Data excerpts:

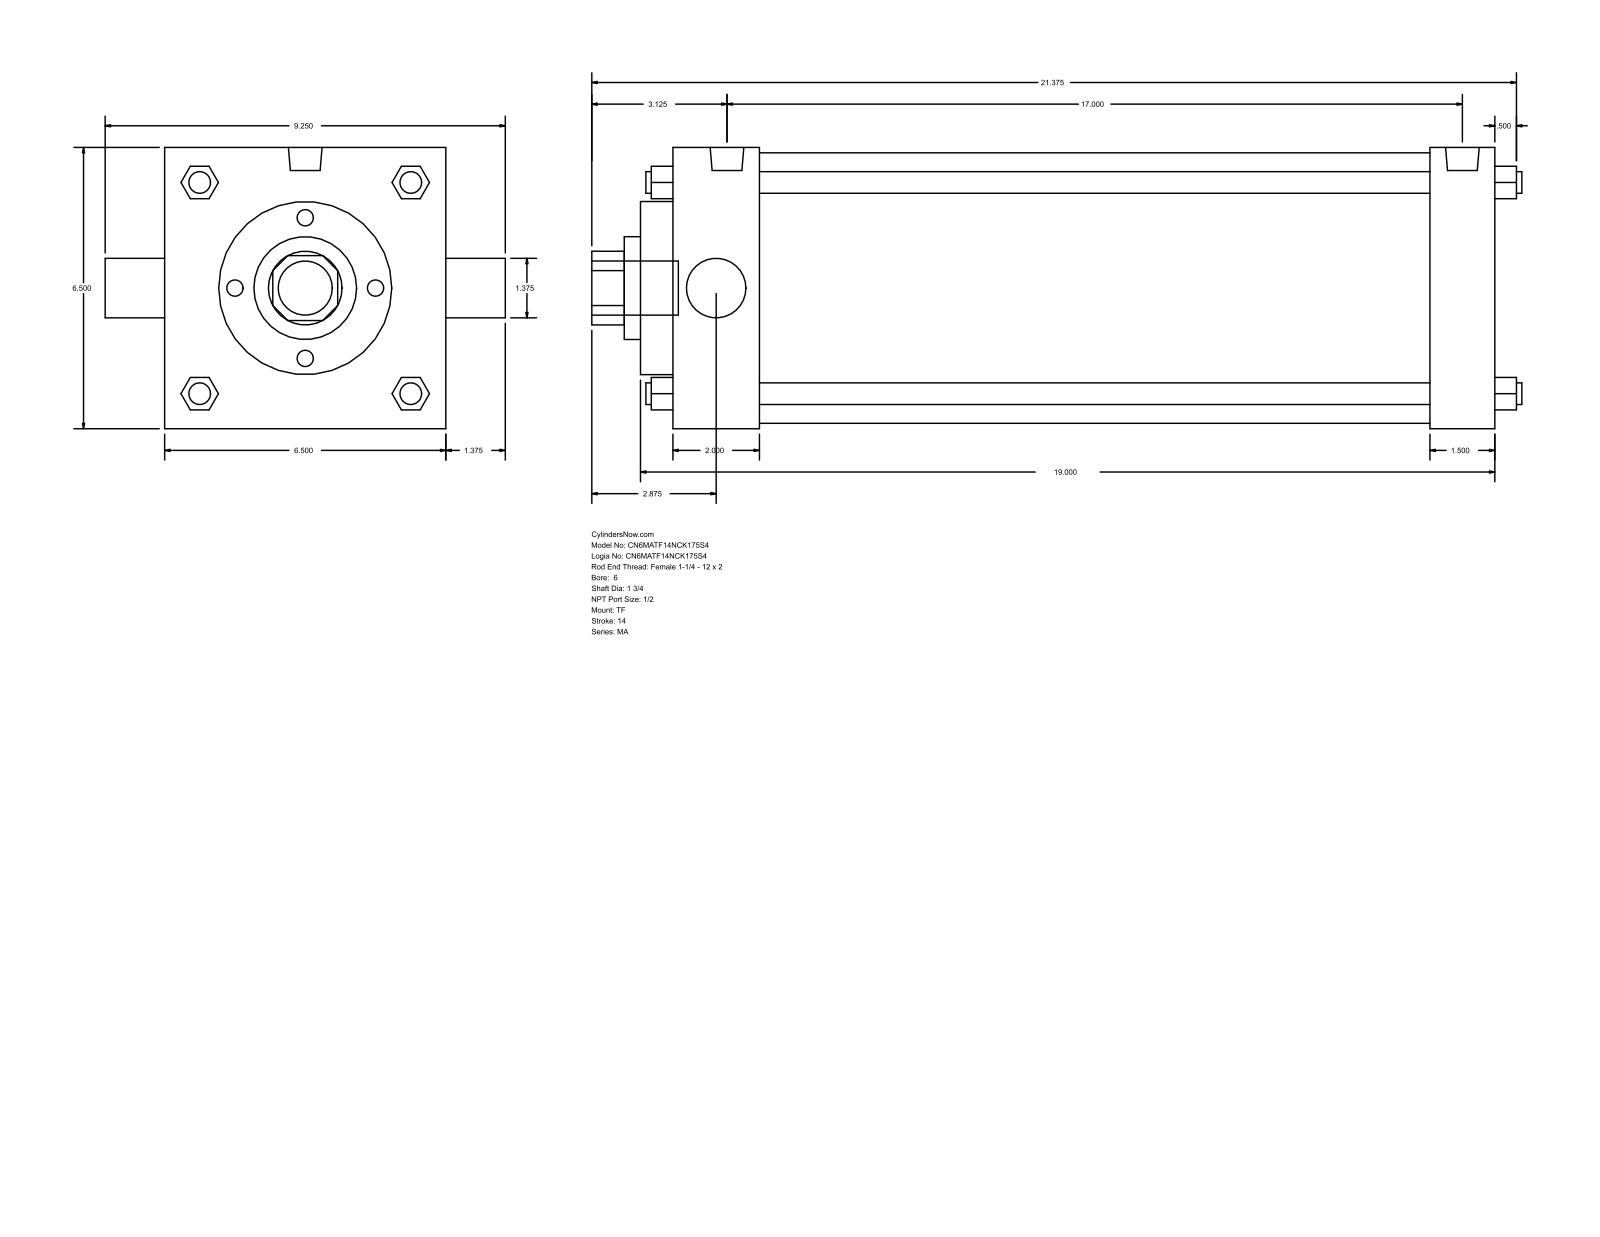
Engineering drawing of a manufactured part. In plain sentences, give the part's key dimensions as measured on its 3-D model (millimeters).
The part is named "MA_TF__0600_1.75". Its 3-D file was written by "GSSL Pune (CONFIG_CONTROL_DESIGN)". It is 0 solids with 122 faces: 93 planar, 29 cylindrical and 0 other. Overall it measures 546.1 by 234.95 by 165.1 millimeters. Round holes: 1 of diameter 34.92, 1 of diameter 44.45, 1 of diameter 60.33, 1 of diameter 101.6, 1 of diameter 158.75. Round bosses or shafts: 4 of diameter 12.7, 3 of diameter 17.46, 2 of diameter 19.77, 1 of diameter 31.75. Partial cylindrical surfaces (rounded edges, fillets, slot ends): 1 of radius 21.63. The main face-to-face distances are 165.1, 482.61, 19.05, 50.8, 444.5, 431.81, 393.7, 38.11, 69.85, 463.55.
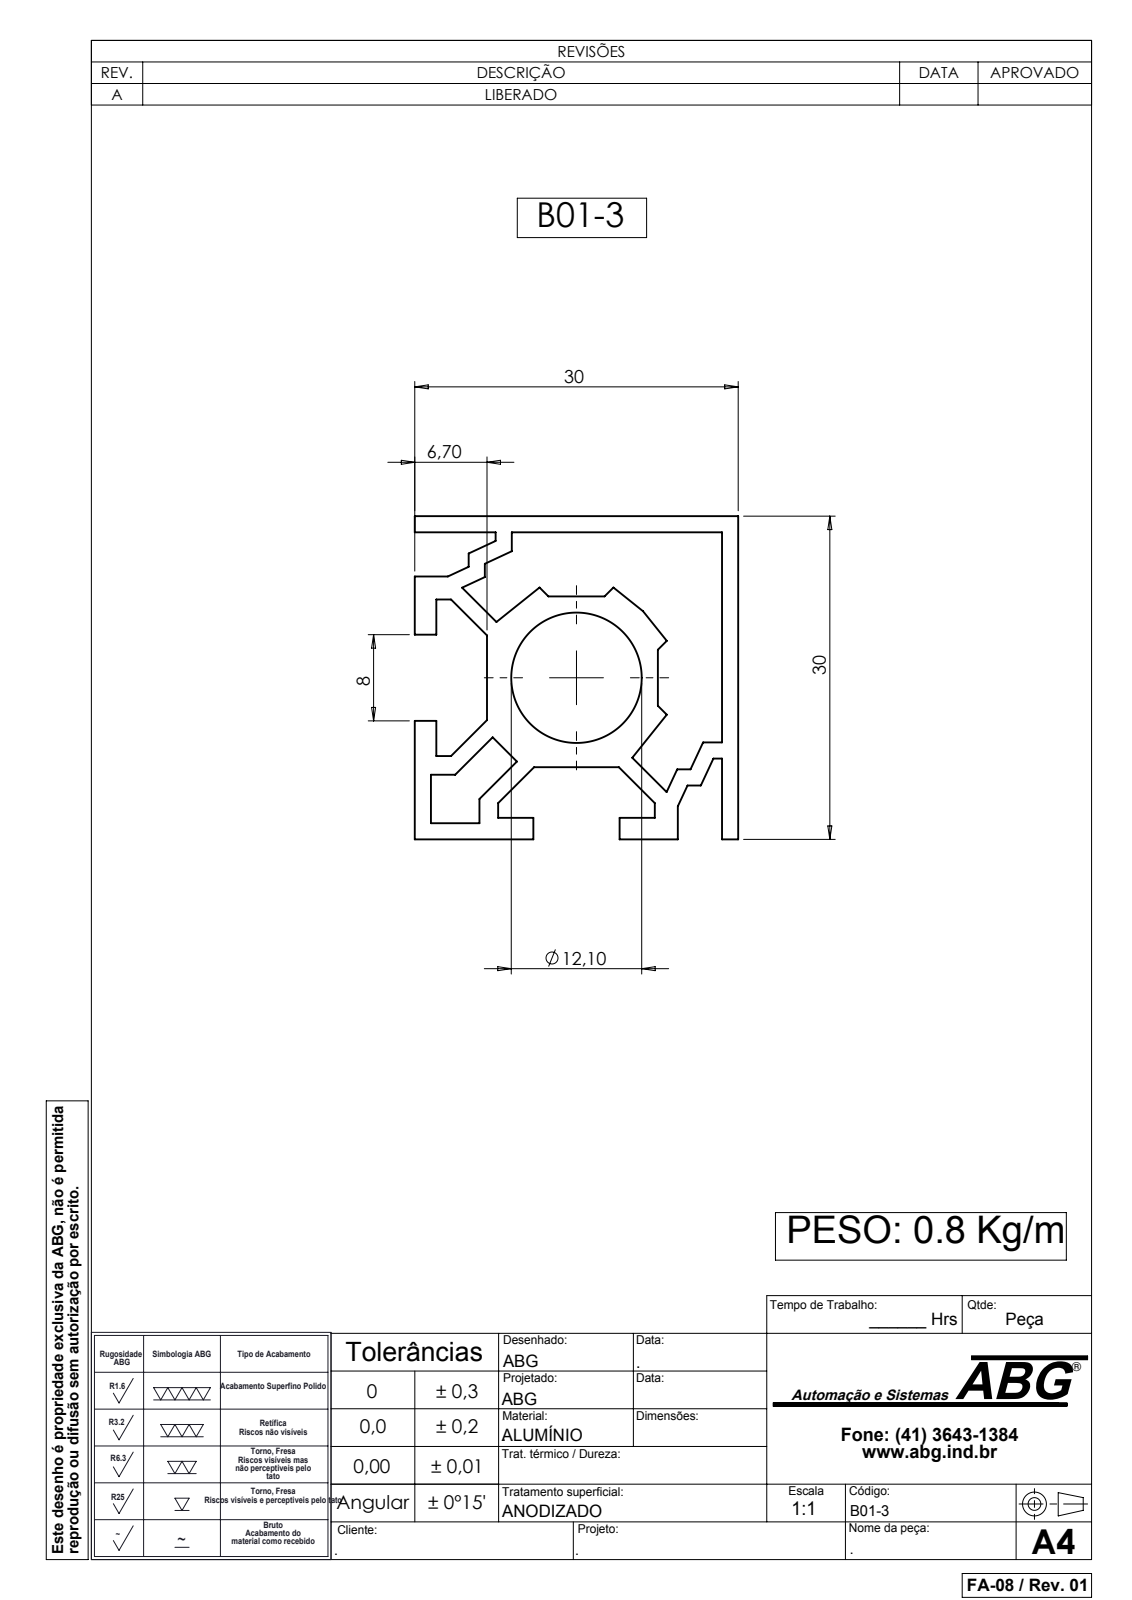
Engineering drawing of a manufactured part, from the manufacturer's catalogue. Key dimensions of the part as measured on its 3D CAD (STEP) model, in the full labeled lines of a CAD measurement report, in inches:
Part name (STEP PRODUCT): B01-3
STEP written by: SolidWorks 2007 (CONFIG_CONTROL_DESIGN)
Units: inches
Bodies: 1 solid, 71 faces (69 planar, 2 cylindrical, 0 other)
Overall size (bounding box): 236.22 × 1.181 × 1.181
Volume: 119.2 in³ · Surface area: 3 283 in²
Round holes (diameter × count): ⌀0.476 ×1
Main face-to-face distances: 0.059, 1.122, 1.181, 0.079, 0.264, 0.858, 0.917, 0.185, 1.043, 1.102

▶ Problem details: The answer must be the data above, repeated exactly, with no pictures.

▶ Task solution:
Engineering drawing of a manufactured part. In plain sentences, give the part's key dimensions as measured on its 3-D model (millimeters).
The part is named "MA_TF__0600_1.75". Its 3-D file was written by "GSSL Pune (CONFIG_CONTROL_DESIGN)". It is 0 solids with 122 faces: 93 planar, 29 cylindrical and 0 other. Overall it measures 546.1 by 234.95 by 165.1 millimeters. Round holes: 1 of diameter 34.92, 1 of diameter 44.45, 1 of diameter 60.33, 1 of diameter 101.6, 1 of diameter 158.75. Round bosses or shafts: 4 of diameter 12.7, 3 of diameter 17.46, 2 of diameter 19.77, 1 of diameter 31.75. Partial cylindrical surfaces (rounded edges, fillets, slot ends): 1 of radius 21.63. The main face-to-face distances are 165.1, 482.61, 19.05, 50.8, 444.5, 431.81, 393.7, 38.11, 69.85, 463.55.
Engineering drawing of a manufactured part, from the manufacturer's catalogue. Key dimensions of the part as measured on its 3D CAD (STEP) model, in the full labeled lines of a CAD measurement report, in inches:
Part name (STEP PRODUCT): B01-3
STEP written by: SolidWorks 2007 (CONFIG_CONTROL_DESIGN)
Units: inches
Bodies: 1 solid, 71 faces (69 planar, 2 cylindrical, 0 other)
Overall size (bounding box): 236.22 × 1.181 × 1.181
Volume: 119.2 in³ · Surface area: 3 283 in²
Round holes (diameter × count): ⌀0.476 ×1
Main face-to-face distances: 0.059, 1.122, 1.181, 0.079, 0.264, 0.858, 0.917, 0.185, 1.043, 1.102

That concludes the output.